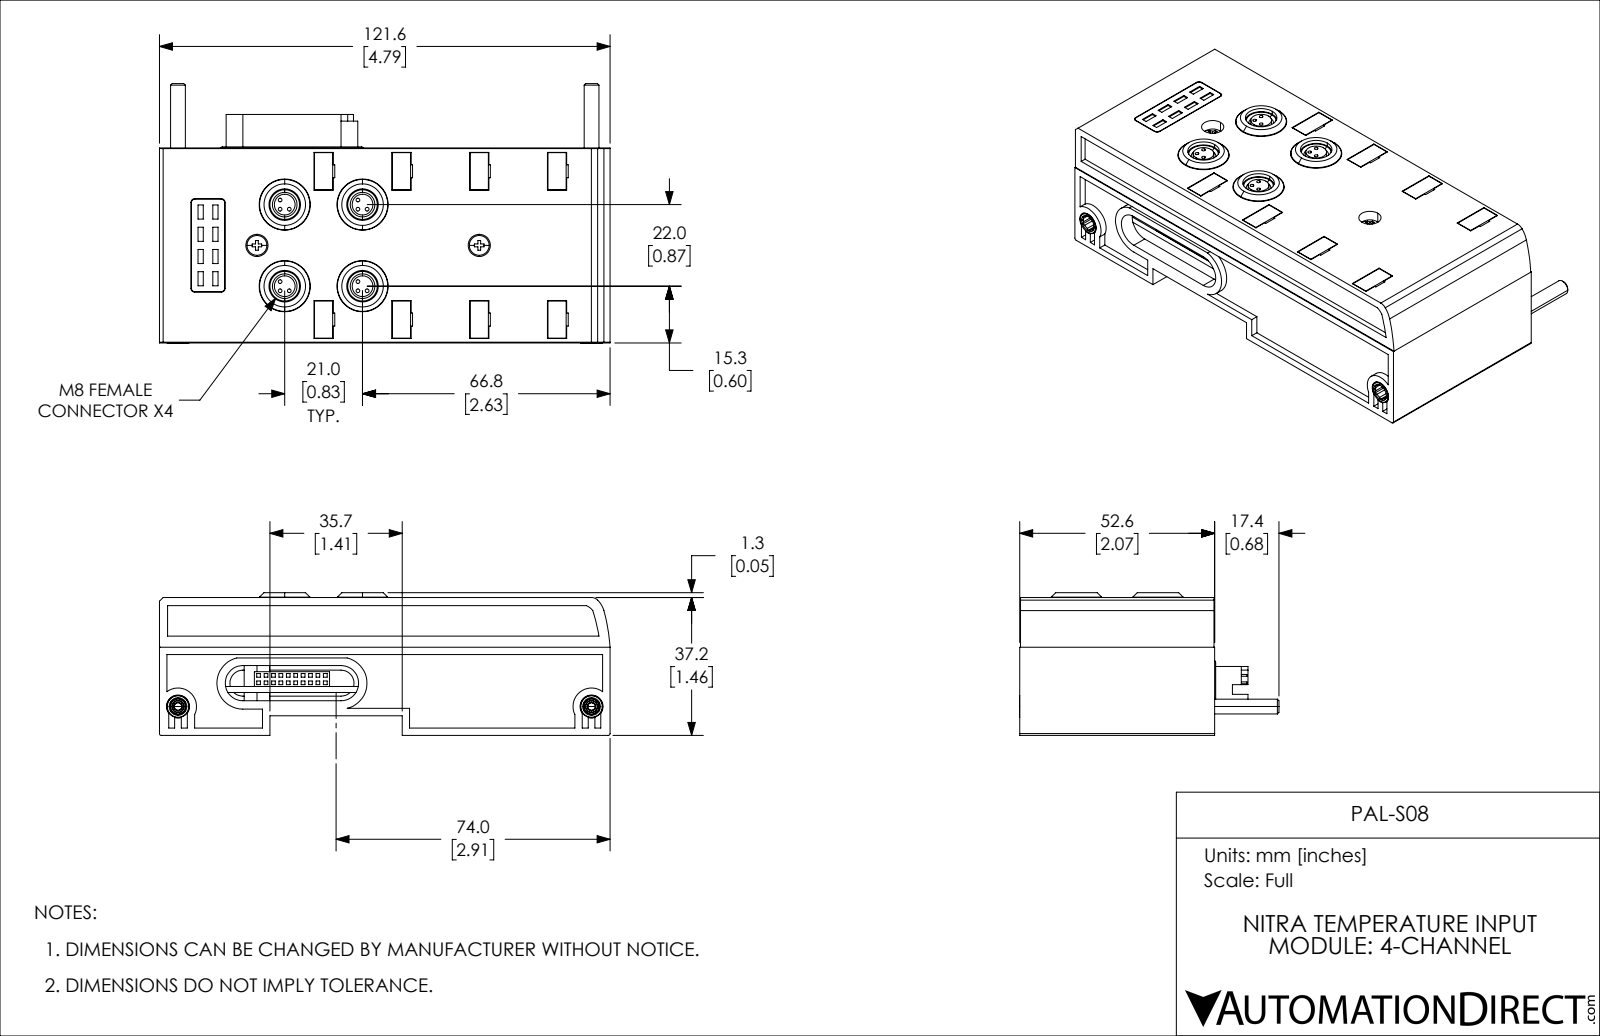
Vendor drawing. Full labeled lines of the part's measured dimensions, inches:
Part name (STEP PRODUCT): PAL-S08
STEP written by: SolidWorks 2019 (CONFIG_CONTROL_DESIGN)
Units: inches
Bodies: 5 solids, 898 faces (644 planar, 160 cylindrical, 94 other)
Overall size (bounding box): 4.787 × 2.756 × 1.516
Volume: 8.875 in³ · Surface area: 97.24 in²
Round holes (diameter × count): ⌀0.039 ×12, ⌀0.262 ×4, ⌀0.335 ×4, ⌀0.543 ×4, ⌀0.128 ×2, ⌀0.236 ×2, ⌀0.244 ×2
Round bosses / shafts (diameter × count): ⌀0.535 ×4, ⌀0.22 ×4, ⌀0.272 ×2, ⌀0.236 ×2, ⌀0.211 ×2, ⌀0.157 ×2
Partial cylindrical surfaces — rounded edges, fillets, slot ends (radius × count): R0.039 ×8, R0.02 ×2, R0.034 ×2, R0.079 ×2, R0.082 ×2, R0.138 ×2, R0.177 ×2, R0.187 ×2
Main face-to-face distances: 0.528, 0.315, 0.063, 0.52, 0.937, 1.465, 0.622, 1.15, 0.417, 0.205
Hole centre spacings: 0.069, 0.098, 0.827, 0.866, 1.197, 0.78, 0.819, 0.877

**YOUR OBJECTIVE**
Carry over each record above character for character, with the pictures left out.

**EXERCISE RESPONSE**
Vendor drawing. Full labeled lines of the part's measured dimensions, inches:
Part name (STEP PRODUCT): PAL-S08
STEP written by: SolidWorks 2019 (CONFIG_CONTROL_DESIGN)
Units: inches
Bodies: 5 solids, 898 faces (644 planar, 160 cylindrical, 94 other)
Overall size (bounding box): 4.787 × 2.756 × 1.516
Volume: 8.875 in³ · Surface area: 97.24 in²
Round holes (diameter × count): ⌀0.039 ×12, ⌀0.262 ×4, ⌀0.335 ×4, ⌀0.543 ×4, ⌀0.128 ×2, ⌀0.236 ×2, ⌀0.244 ×2
Round bosses / shafts (diameter × count): ⌀0.535 ×4, ⌀0.22 ×4, ⌀0.272 ×2, ⌀0.236 ×2, ⌀0.211 ×2, ⌀0.157 ×2
Partial cylindrical surfaces — rounded edges, fillets, slot ends (radius × count): R0.039 ×8, R0.02 ×2, R0.034 ×2, R0.079 ×2, R0.082 ×2, R0.138 ×2, R0.177 ×2, R0.187 ×2
Main face-to-face distances: 0.528, 0.315, 0.063, 0.52, 0.937, 1.465, 0.622, 1.15, 0.417, 0.205
Hole centre spacings: 0.069, 0.098, 0.827, 0.866, 1.197, 0.78, 0.819, 0.877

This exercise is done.